Yes, New Westminster’s Twi-Hard historians may have a renaissance this spring and summer. When the New Moon DVD is released tomorrow, the Queensborough Wal-Mart will be one of dozens of stores in the chain bracing for a rush of Twilight fans at a special midnight opening. With several key scenes filmed right here in New Westminster, maybe Archie Miller should start a Twi-Hard walking tour to share this most important historical legacy with future generations.

The Paramount Theatre (transformed into a cinema for the Bella/Jacob date scene) and other parts of Columbia, Front St. (including the parkade) and 61 Duncan St. were among the New Westminster locations used in the movies, netting about $10k for city coffers, according to the city’s Jason Haight in an email to me earlier today:

The permit fees for this filming were $10,503.15. This value does not include the economic spin off related to Twilight filming in New Westminster (i.e. goods or services purchased while filming or wages paid to staff who reside in the community, and in turn, further stimulate the local economy).

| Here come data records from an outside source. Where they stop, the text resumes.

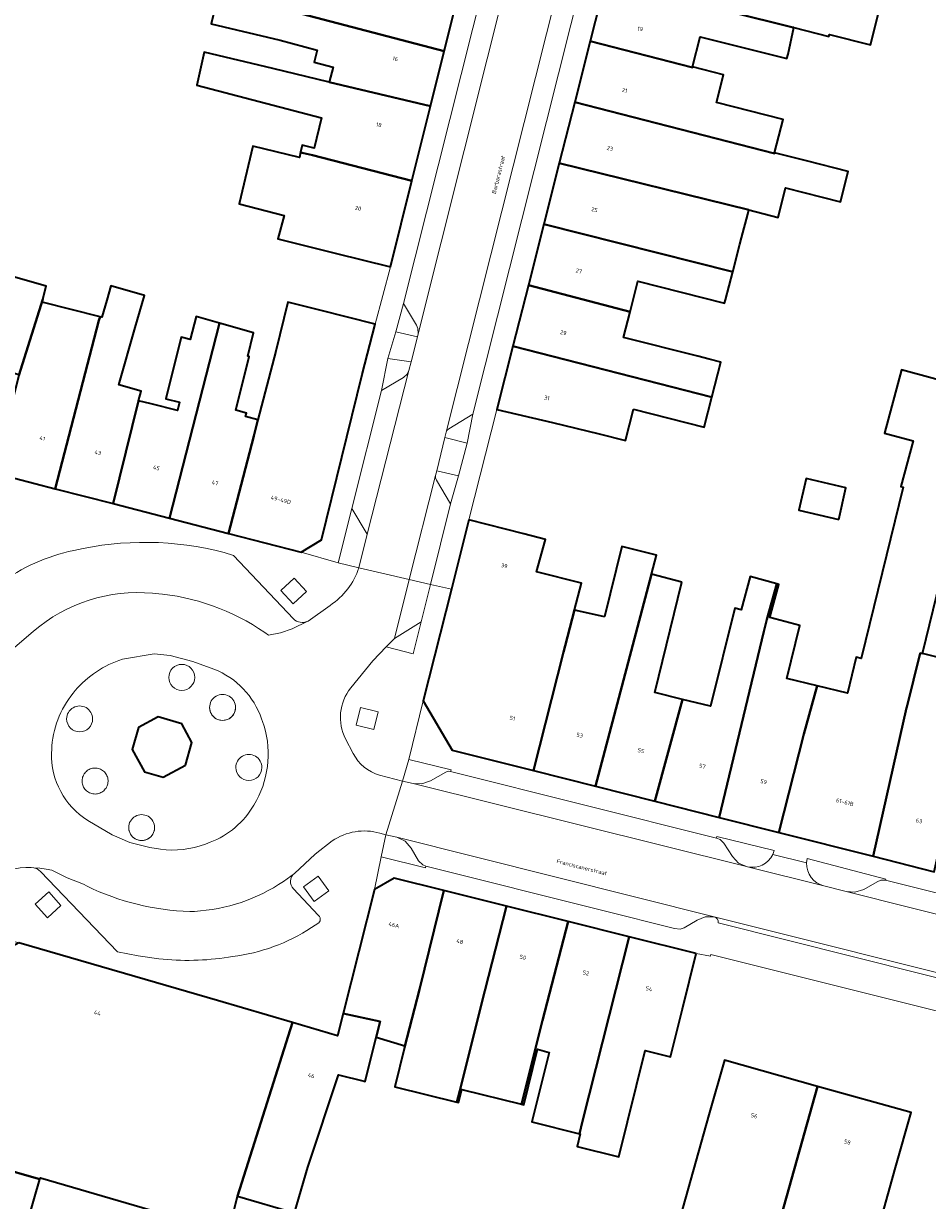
# Model space of a CAD drawing. Header units: metres. Extents: x 197700 to 204338, y 317132 to 325229.
# Tile 600 of 656: x 203068 to 203147, y 318270 to 318373. Entities that reach past the tile are written whole.
import ezdxf
from ezdxf.enums import TextEntityAlignment as Align

# ---------------------------------------------------------------- set-up
doc = ezdxf.new("R2010")
doc.units = ezdxf.units.M
for name, color, linetype, lineweight in [('B-WE-GR-BEPLANTING_CULTUUR_BODEMBEDEKKER-GV', 90, 'Continuous', 18), ('B-WE-GR-BEPLANTING_CULTUUR_HEESTERS-GV', 90, 'Continuous', 18), ('B-WE-GR-BEPLANTING_CULTUUR_VASTE PLANTENVAK-GV', 90, 'Continuous', 18), ('B-WE-OG-BEBOUWING-GV', 7, 'Continuous', 35), ('B-WE-OG-BEBOUWING-T18', 10, 'Continuous', 18), ('B-WE-OG-TERREIN_ERF-GV', 7, 'Continuous', 18), ('B-WE-OG-TOPOGRAFIE-T18', 10, 'Continuous', 18), ('B-WE-VH-VERHARDING_BETONSTRAATSTEEN-GV', 252, 'Continuous', 18), ('B-WE-VH-VERHARDING_OPEN-GV', 252, 'Continuous', 18), ('B-WE-VH-VERHARDING_SIERBESTRATING-GV', 252, 'Continuous', 18), ('B-WE-VH-VERHARDING_STRAATBAKSTEEN-GV', 252, 'Continuous', 18), ('B-WE-VH-VERHARDING_TEGEL-GV', 252, 'Continuous', 18)]:
    doc.layers.add(name, color=color, linetype=linetype, lineweight=lineweight)
doc.styles.add('NLCS-ISO-M200-T18', font='NLCS-ISO.ttf', dxfattribs={"height": 0.36})

msp = doc.modelspace()

# ---------------------------------------------------------------- linework, layer by layer
at = {"layer": 'B-WE-GR-BEPLANTING_CULTUUR_BODEMBEDEKKER-GV'}
for points in [[(203102.244, 318345.842), (203102.227, 318346.309), (203102.096, 318346.592), (203100.962, 318348.494), (203100.292, 318345.999), (203102.177, 318345.576)], [(203101.621, 318343.372), (203099.597, 318343.683), (203099.034, 318340.852), (203100.968, 318341.988), (203101.27, 318342.281), (203101.428, 318342.606)], [(203104.605, 318336.734), (203106.559, 318336.247), (203107.061, 318338.783), (203104.954, 318337.505), (203104.797, 318337.364), (203104.723, 318337.209)], [(203105.094, 318330.904), (203105.783, 318333.376), (203103.877, 318333.816), (203103.773, 318333.4), (203103.778, 318333.184), (203103.847, 318332.992)], [(203095.225, 318325.735), (203097.05, 318325.291), (203097.777, 318328.243), (203096.43, 318330.486)], [(203099.441, 318318.34), (203101.823, 318317.748), (203102.516, 318320.536), (203100.157, 318319.082)]]:
    msp.add_lwpolyline(points, close=True, dxfattribs=at)
for points in [[(203082.623, 318315.666, 1), (203080.341, 318315.666)], [(203080.341, 318315.666, 1), (203082.623, 318315.666)], [(203073.65, 318312.021, 1.0004389), (203071.369, 318312.019)], [(203071.369, 318312.019, 0.9995621), (203073.65, 318312.021)], [(203088.517, 318307.754, 1.0004381), (203086.236, 318307.752)], [(203086.236, 318307.752, 0.9995621), (203088.517, 318307.754)], [(203079.099, 318302.48, 1), (203076.818, 318302.477)], [(203076.818, 318302.477, 1), (203079.099, 318302.48)]]:
    msp.add_lwpolyline(points, format="xyb", dxfattribs=at)
at = {"layer": 'B-WE-GR-BEPLANTING_CULTUUR_HEESTERS-GV'}
for points in [[(203090.182, 318323.304), (203091.265, 318322.125), (203092.443, 318323.208), (203091.36, 318324.386)], [(203096.803, 318311.478), (203098.359, 318311.098), (203098.736, 318312.653), (203097.183, 318313.033)], [(203101.431, 318308.455), (203100.883, 318306.553), (203101.81, 318306.337), (203102.557, 318306.31), (203103.321, 318306.582), (203104.687, 318307.356), (203104.872, 318307.426), (203105.101, 318307.398), (203105.139, 318307.552)], [(203102.925, 318299.091), (203102.657, 318299.211), (203102.281, 318299.555), (203101.622, 318300.68), (203101.104, 318301.285), (203100.387, 318301.649), (203099.406, 318301.843), (203098.989, 318299.922), (203102.889, 318298.943)], [(203092.166, 318297.261), (203093.121, 318295.976), (203094.406, 318296.931), (203093.451, 318298.216)], [(203068.611, 318295.761), (203069.676, 318294.566), (203070.868, 318295.633), (203069.804, 318296.827)]]:
    msp.add_lwpolyline(points, close=True, dxfattribs=at)
for points in [[(203133.401, 318300.104), (203133.526, 318300.454), (203128.479, 318301.687), (203128.463, 318301.549), (203128.788, 318301.429), (203129.101, 318301.111), (203129.857, 318299.942), (203130.402, 318299.367), (203131.086, 318299.059), (203131.169, 318299.038)], [(203139.839, 318296.866), (203140.609, 318296.804), (203141.398, 318297.044), (203142.575, 318297.709), (203142.901, 318297.874), (203143.311, 318297.847), (203143.346, 318297.96), (203136.431, 318299.751), (203136.372, 318299.368)], [(203137.898, 318297.351), (203139.839, 318296.866)]]:
    msp.add_lwpolyline(points, dxfattribs=at)
for points in [[(203131.169, 318299.038, 0.3475629), (203133.401, 318300.104)], [(203136.372, 318299.368, 0.3502305), (203137.898, 318297.351)]]:
    msp.add_lwpolyline(points, format="xyb", dxfattribs=at)
at = {"layer": 'B-WE-GR-BEPLANTING_CULTUUR_VASTE PLANTENVAK-GV'}
for points in [[(203086.207, 318313.029, 1), (203083.926, 318313.026)], [(203083.926, 318313.026, 1), (203086.207, 318313.029)]]:
    msp.add_lwpolyline(points, format="xyb", dxfattribs=at)
msp.add_lwpolyline([(203073.286, 318305.582), (203073.298, 318305.575), (203073.389, 318305.529), (203073.483, 318305.49), (203073.581, 318305.461), (203073.681, 318305.44), (203073.783, 318305.428), (203073.885, 318305.425), (203073.987, 318305.432), (203074.088, 318305.447), (203074.187, 318305.472), (203074.283, 318305.505), (203074.376, 318305.547), (203074.466, 318305.597), (203074.55, 318305.654), (203074.629, 318305.719), (203074.701, 318305.791), (203074.767, 318305.869), (203074.826, 318305.952), (203074.877, 318306.041), (203074.92, 318306.134), (203074.955, 318306.23), (203074.98, 318306.328), (203074.997, 318306.429), (203075.005, 318306.531), (203075.004, 318306.633), (203074.993, 318306.735), (203074.974, 318306.835), (203074.945, 318306.933), (203074.908, 318307.028), (203074.863, 318307.12), (203074.81, 318307.207), (203074.749, 318307.289), (203074.681, 318307.365), (203074.606, 318307.435), (203074.526, 318307.498), (203074.43, 318307.559), (203074.34, 318307.605), (203074.245, 318307.644), (203074.147, 318307.673), (203074.047, 318307.694), (203073.946, 318307.706), (203073.844, 318307.709), (203073.742, 318307.703), (203073.641, 318307.687), (203073.542, 318307.663), (203073.445, 318307.63), (203073.352, 318307.588), (203073.263, 318307.538), (203073.178, 318307.481), (203073.1, 318307.416), (203073.027, 318307.344), (203072.961, 318307.266), (203072.902, 318307.183), (203072.851, 318307.095), (203072.808, 318307.002), (203072.773, 318306.906), (203072.747, 318306.807), (203072.73, 318306.707), (203072.722, 318306.605), (203072.723, 318306.503), (203072.734, 318306.401), (203072.753, 318306.301), (203072.781, 318306.203), (203072.818, 318306.107), (203072.863, 318306.016), (203072.917, 318305.929), (203072.978, 318305.847), (203073.045, 318305.77), (203073.12, 318305.701), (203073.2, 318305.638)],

On an annual basis filming permit revenues equal between ½ to 1% reduction in property taxes. Again this value does not consider the non-permit economic multiplier effect in hosting filming in New Westminster. A past BC Film Commission study estimated that the economic spin off of filming in New Westminster was $8M and is approximately $1.2B in British Columbia, of which, 96% is spent in Metro Vancouver.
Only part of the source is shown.